DatetimeIndex(['2000-01-01 00:00:00', '2000-01-01 01:00:00',
               '2000-01-01 02:00:00', '2000-01-01 03:00:00',
               '2000-01-01 04:00:00', '2000-01-01 05:00:00',
               '2000-01-01 06:00:00', '2000-01-01 07:00:00',
               '2000-01-01 08:00:00', '2000-01-01 09:00:00',
               ...
               '2009-12-28 14:00:00', '2009-12-28 15:00:00',
               '2009-12-28 16:00:00', '2009-12-28 17:00:00',
               '2009-12-28 18:00:00', '2009-12-28 19:00:00',
               '2009-12-28 20:00:00', '2009-12-28 21:00:00',
               '2009-12-28 22:00:00', '2009-12-28 23:00:00'],
              dtype='datetime64[ns]', length=87600, freq='H')

It is two order of magnitude faster... Definitely worth a re-engineering of the features in the `timeseries.py` we started from. 
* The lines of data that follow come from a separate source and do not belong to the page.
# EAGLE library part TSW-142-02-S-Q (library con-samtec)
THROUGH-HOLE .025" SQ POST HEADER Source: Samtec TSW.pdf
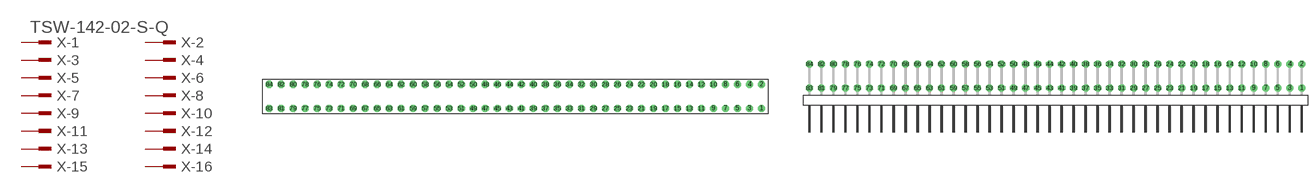
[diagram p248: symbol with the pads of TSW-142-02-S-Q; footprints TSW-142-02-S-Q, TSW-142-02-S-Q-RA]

Designator prefix X; gates -1=MPINV -2=MPIN -3=MPIN -4=MPIN -5=MPIN -6=MPIN -7=MPIN -8=MPIN -9=MPIN -10=MPIN -11=MPIN -12=MPIN -13=MPIN -14=MPIN -15=MPIN -16=MPIN -17=MPIN -18=MPIN -19=MPIN -20=MPIN -21=MPIN -22=MPIN -23=MPIN -24=MPIN -25=MPIN -26=MPIN -27=MPIN -28=MPIN -29=MPIN -30=MPIN -31=MPIN -32=MPIN -33=MPIN -34=MPIN -35=MPIN -36=MPIN -37=MPIN -38=MPIN -39=MPIN -40=MPIN -41=MPIN -42=MPIN -43=MPIN -44=MPIN -45=MPIN -46=MPIN -47=MPIN -48=MPIN -49=MPIN -50=MPIN -51=MPIN -52=MPIN -53=MPIN -54=MPIN -55=MPIN -56=MPIN -57=MPIN -58=MPIN -59=MPIN -60=MPIN -61=MPIN -62=MPIN -63=MPIN -64=MPIN -65=MPIN -66=MPIN -67=MPIN -68=MPIN -69=MPIN -70=MPIN -71=MPIN -72=MPIN -73=MPIN -74=MPIN -75=MPIN -76=MPIN -77=MPIN -78=MPIN -79=MPIN -80=MPIN -81=MPIN -82=MPIN -83=MPIN -84=MPIN

## TSW-142-02-S-Q (OC_FARNELL: unknown; OC_NEWARK: unknown)  [TSW-142-02-S-Q]
1  -1:1  pas
2  -2:1  pas
3  -3:1  pas
4  -4:1  pas
5  -5:1  pas
6  -6:1  pas
7  -7:1  pas
8  -8:1  pas
9  -9:1  pas
10  -10:1  pas
11  -11:1  pas
12  -12:1  pas
13  -13:1  pas
14  -14:1  pas
15  -15:1  pas
16  -16:1  pas
17  -17:1  pas
18  -18:1  pas
19  -19:1  pas
20  -20:1  pas
21  -21:1  pas
22  -22:1  pas
23  -23:1  pas
24  -24:1  pas
25  -25:1  pas
26  -26:1  pas
27  -27:1  pas
28  -28:1  pas
29  -29:1  pas
30  -30:1  pas
31  -31:1  pas
32  -32:1  pas
33  -33:1  pas
34  -34:1  pas
35  -35:1  pas
36  -36:1  pas
37  -37:1  pas
38  -38:1  pas
39  -39:1  pas
40  -40:1  pas
41  -41:1  pas
42  -42:1  pas
43  -43:1  pas
44  -44:1  pas
45  -45:1  pas
46  -46:1  pas
47  -47:1  pas
48  -48:1  pas
49  -49:1  pas
50  -50:1  pas
51  -51:1  pas
52  -52:1  pas
53  -53:1  pas
54  -54:1  pas
55  -55:1  pas
56  -56:1  pas
57  -57:1  pas
58  -58:1  pas
59  -59:1  pas
60  -60:1  pas
61  -61:1  pas
62  -62:1  pas
63  -63:1  pas
64  -64:1  pas
65  -65:1  pas
66  -66:1  pas
67  -67:1  pas
68  -68:1  pas
69  -69:1  pas
70  -70:1  pas
71  -71:1  pas
72  -72:1  pas
73  -73:1  pas
74  -74:1  pas
75  -75:1  pas
76  -76:1  pas
77  -77:1  pas
78  -78:1  pas
79  -79:1  pas
80  -80:1  pas
81  -81:1  pas
82  -82:1  pas
83  -83:1  pas
84  -84:1  pas

## TSW-142-02-S-Q-RA (OC_FARNELL: unknown; OC_NEWARK: unknown)  [TSW-142-02-S-Q-RA]
Pads as for TSW-142-02-S-Q

## Footprint TSW-142-02-S-Q (pad centres in mm)
THROUGH-HOLE .025" SQ POST HEADER Source: Samtec TSW.pdf
drill 1 pad 1.5 octagon: 1 52.07,-2.54; 2 52.07,2.54; 3 49.53,-2.54; 4 49.53,2.54; 5 46.99,-2.54; 6 46.99,2.54; 7 44.45,-2.54; 8 44.45,2.54; 9 41.91,-2.54; 10 41.91,2.54; 11 39.37,-2.54; 12 39.37,2.54; 13 36.83,-2.54; 14 36.83,2.54; 15 34.29,-2.54; 16 34.29,2.54; 17 31.75,-2.54; 18 31.75,2.54; 19 29.21,-2.54; 20 29.21,2.54; 21 26.67,-2.54; 22 26.67,2.54; 23 24.13,-2.54; 24 24.13,2.54; 25 21.59,-2.54; 26 21.59,2.54; 27 19.05,-2.54; 28 19.05,2.54; 29 16.51,-2.54; 30 16.51,2.54; 31 13.97,-2.54; 32 13.97,2.54; 33 11.43,-2.54; 34 11.43,2.54; 35 8.89,-2.54; 36 8.89,2.54; 37 6.35,-2.54; 38 6.35,2.54; 39 3.81,-2.54; 40 3.81,2.54; 41 1.27,-2.54; 42 1.27,2.54; 43 -1.27,-2.54; 44 -1.27,2.54; 45 -3.81,-2.54; 46 -3.81,2.54; 47 -6.35,-2.54; 48 -6.35,2.54; 49 -8.89,-2.54; 50 -8.89,2.54; 51 -11.43,-2.54; 52 -11.43,2.54; 53 -13.97,-2.54; 54 -13.97,2.54; 55 -16.51,-2.54; 56 -16.51,2.54; 57 -19.05,-2.54; 58 -19.05,2.54; 59 -21.59,-2.54; 60 -21.59,2.54; 61 -24.13,-2.54; 62 -24.13,2.54; 63 -26.67,-2.54; 64 -26.67,2.54; 65 -29.21,-2.54; 66 -29.21,2.54; 67 -31.75,-2.54; 68 -31.75,2.54; 69 -34.29,-2.54; 70 -34.29,2.54; 71 -36.83,-2.54; 72 -36.83,2.54; 73 -39.37,-2.54; 74 -39.37,2.54; 75 -41.91,-2.54; 76 -41.91,2.54; 77 -44.45,-2.54; 78 -44.45,2.54; 79 -46.99,-2.54; 80 -46.99,2.54; 81 -49.53,-2.54; 82 -49.53,2.54; 83 -52.07,-2.54; 84 -52.07,2.54

## Footprint TSW-142-02-S-Q-RA (pad centres in mm)
THROUGH-HOLE .025" SQ POST HEADER Source: Samtec TSW.pdf
drill 1 pad 1.5 octagon: 1 52.07,1.524; 2 52.07,6.604; 3 49.53,1.524; 4 49.53,6.604; 5 46.99,1.524; 6 46.99,6.604; 7 44.45,1.524; 8 44.45,6.604; 9 41.91,1.524; 10 41.91,6.604; 11 39.37,1.524; 12 39.37,6.604; 13 36.83,1.524; 14 36.83,6.604; 15 34.29,1.524; 16 34.29,6.604; 17 31.75,1.524; 18 31.75,6.604; 19 29.21,1.524; 20 29.21,6.604; 21 26.67,1.524; 22 26.67,6.604; 23 24.13,1.524; 24 24.13,6.604; 25 21.59,1.524; 26 21.59,6.604; 27 19.05,1.524; 28 19.05,6.604; 29 16.51,1.524; 30 16.51,6.604; 31 13.97,1.524; 32 13.97,6.604; 33 11.43,1.524; 34 11.43,6.604; 35 8.89,1.524; 36 8.89,6.604; 37 6.35,1.524; 38 6.35,6.604; 39 3.81,1.524; 40 3.81,6.604; 41 1.27,1.524; 42 1.27,6.604; 43 -1.27,1.524; 44 -1.27,6.604; 45 -3.81,1.524; 46 -3.81,6.604; 47 -6.35,1.524; 48 -6.35,6.604; 49 -8.89,1.524; 50 -8.89,6.604; 51 -11.43,1.524; 52 -11.43,6.604; 53 -13.97,1.524; 54 -13.97,6.604; 55 -16.51,1.524; 56 -16.51,6.604; 57 -19.05,1.524; 58 -19.05,6.604; 59 -21.59,1.524; 60 -21.59,6.604; 61 -24.13,1.524; 62 -24.13,6.604; 63 -26.67,1.524; 64 -26.67,6.604; 65 -29.21,1.524; 66 -29.21,6.604; 67 -31.75,1.524; 68 -31.75,6.604; 69 -34.29,1.524; 70 -34.29,6.604; 71 -36.83,1.524; 72 -36.83,6.604; 73 -39.37,1.524; 74 -39.37,6.604; 75 -41.91,1.524; 76 -41.91,6.604; 77 -44.45,1.524; 78 -44.45,6.604; 79 -46.99,1.524; 80 -46.99,6.604; 81 -49.53,1.524; 82 -49.53,6.604; 83 -52.07,1.524; 84 -52.07,6.604
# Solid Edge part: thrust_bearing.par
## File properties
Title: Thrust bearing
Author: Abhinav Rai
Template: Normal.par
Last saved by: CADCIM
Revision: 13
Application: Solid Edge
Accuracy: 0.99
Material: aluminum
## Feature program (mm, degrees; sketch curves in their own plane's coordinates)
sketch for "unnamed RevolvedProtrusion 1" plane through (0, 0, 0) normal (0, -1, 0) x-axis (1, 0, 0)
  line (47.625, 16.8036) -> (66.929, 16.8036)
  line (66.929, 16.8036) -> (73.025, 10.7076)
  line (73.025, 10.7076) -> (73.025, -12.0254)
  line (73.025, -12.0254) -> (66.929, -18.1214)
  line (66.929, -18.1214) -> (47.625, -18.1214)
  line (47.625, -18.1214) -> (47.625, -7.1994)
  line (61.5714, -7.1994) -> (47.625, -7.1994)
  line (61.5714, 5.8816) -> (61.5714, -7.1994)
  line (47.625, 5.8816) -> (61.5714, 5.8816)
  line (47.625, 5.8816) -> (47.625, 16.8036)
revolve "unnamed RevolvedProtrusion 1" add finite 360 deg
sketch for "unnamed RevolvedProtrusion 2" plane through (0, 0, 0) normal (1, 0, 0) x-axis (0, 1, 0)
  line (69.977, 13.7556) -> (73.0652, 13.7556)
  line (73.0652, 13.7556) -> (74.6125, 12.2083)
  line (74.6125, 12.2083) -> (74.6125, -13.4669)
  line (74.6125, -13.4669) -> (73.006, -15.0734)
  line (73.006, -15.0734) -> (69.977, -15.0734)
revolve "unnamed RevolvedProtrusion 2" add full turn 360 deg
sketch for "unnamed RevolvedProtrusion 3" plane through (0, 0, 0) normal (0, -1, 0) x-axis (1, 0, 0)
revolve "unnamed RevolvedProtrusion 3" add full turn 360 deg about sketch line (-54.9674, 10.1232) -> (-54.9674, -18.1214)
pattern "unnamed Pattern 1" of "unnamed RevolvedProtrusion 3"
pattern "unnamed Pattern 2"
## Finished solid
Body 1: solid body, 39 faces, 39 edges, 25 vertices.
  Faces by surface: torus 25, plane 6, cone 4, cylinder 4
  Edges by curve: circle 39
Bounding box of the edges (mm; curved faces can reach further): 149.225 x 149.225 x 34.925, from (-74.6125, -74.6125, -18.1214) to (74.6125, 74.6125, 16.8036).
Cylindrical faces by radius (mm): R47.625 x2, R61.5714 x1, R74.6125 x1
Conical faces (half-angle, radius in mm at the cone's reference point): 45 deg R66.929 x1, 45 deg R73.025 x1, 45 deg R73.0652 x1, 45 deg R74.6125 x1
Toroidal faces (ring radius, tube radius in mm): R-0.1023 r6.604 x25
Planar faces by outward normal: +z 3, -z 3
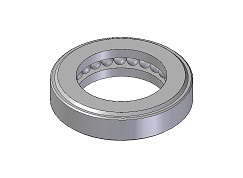
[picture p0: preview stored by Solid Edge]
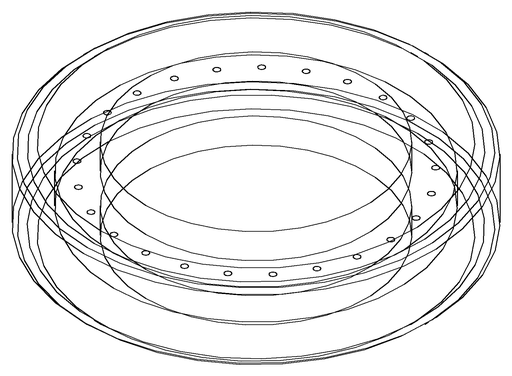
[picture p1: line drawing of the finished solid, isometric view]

This probably does not solve the issue for many other cases (irregular time steps, e.g. monthly), but there are many cases where we could benefit. The [date_range documentation](https://pandas.pydata.org/docs/reference/api/pandas.date_range.html?highlight=date_range) specifies that an arbitrary [DateOffset](https://pandas.pydata.org/docs/reference/api/pandas.tseries.offsets.DateOffset.html) to its `freq` argument (`freq: str or DateOffset, default ‘D’`). How efficient is this operation on our 87600 data points?

In [24]:
d_offset = pd.tseries.offsets.DateOffset(minutes=15)

In [25]:
start + d_offset

Timestamp('2000-01-01 00:15:00')

In [26]:
%%time
pd.date_range(start, periods=n, freq=d_offset)

CPU times: user 1.5 s, sys: 1.32 ms, total: 1.5 s
Wall time: 1.5 s


DatetimeIndex(['2000-01-01 00:00:00', '2000-01-01 00:15:00',
               '2000-01-01 00:30:00', '2000-01-01 00:45:00',
               '2000-01-01 01:00:00', '2000-01-01 01:15:00',
               '2000-01-01 01:30:00', '2000-01-01 01:45:00',
               '2000-01-01 02:00:00', '2000-01-01 02:15:00',
               ...
               '2002-07-01 09:30:00', '2002-07-01 09:45:00',
               '2002-07-01 10:00:00', '2002-07-01 10:15:00',
               '2002-07-01 10:30:00', '2002-07-01 10:45:00',
               '2002-07-01 11:00:00', '2002-07-01 11:15:00',
               '2002-07-01 11:30:00', '2002-07-01 11:45:00'],
              dtype='datetime64[ns]', length=87600, freq='<DateOffset: minutes=15>')

It looks like in this case this is actually a fair bit slower than my original implementation. Interesting. And using `start.to_datetime64()` makes no difference too.  

# Conclusion

This demonstrated a relatively simple, but real case where `cProfiler` helps alleviate usually small but pervasive runtime inefficiencies. In this case, so far we have not needed to look close to the Python/C interoperability layer. The key bottleneck was pure python. I envisage I may post something later on looking at trickier situation.

To be honest, I did second guess a few things upfront. But the `cProfiler` and simpler `%%time` brought at least confirmation and sometimes useful, conter-intuitive insight. "You cannot manage what you cannot measure" as the saying goes.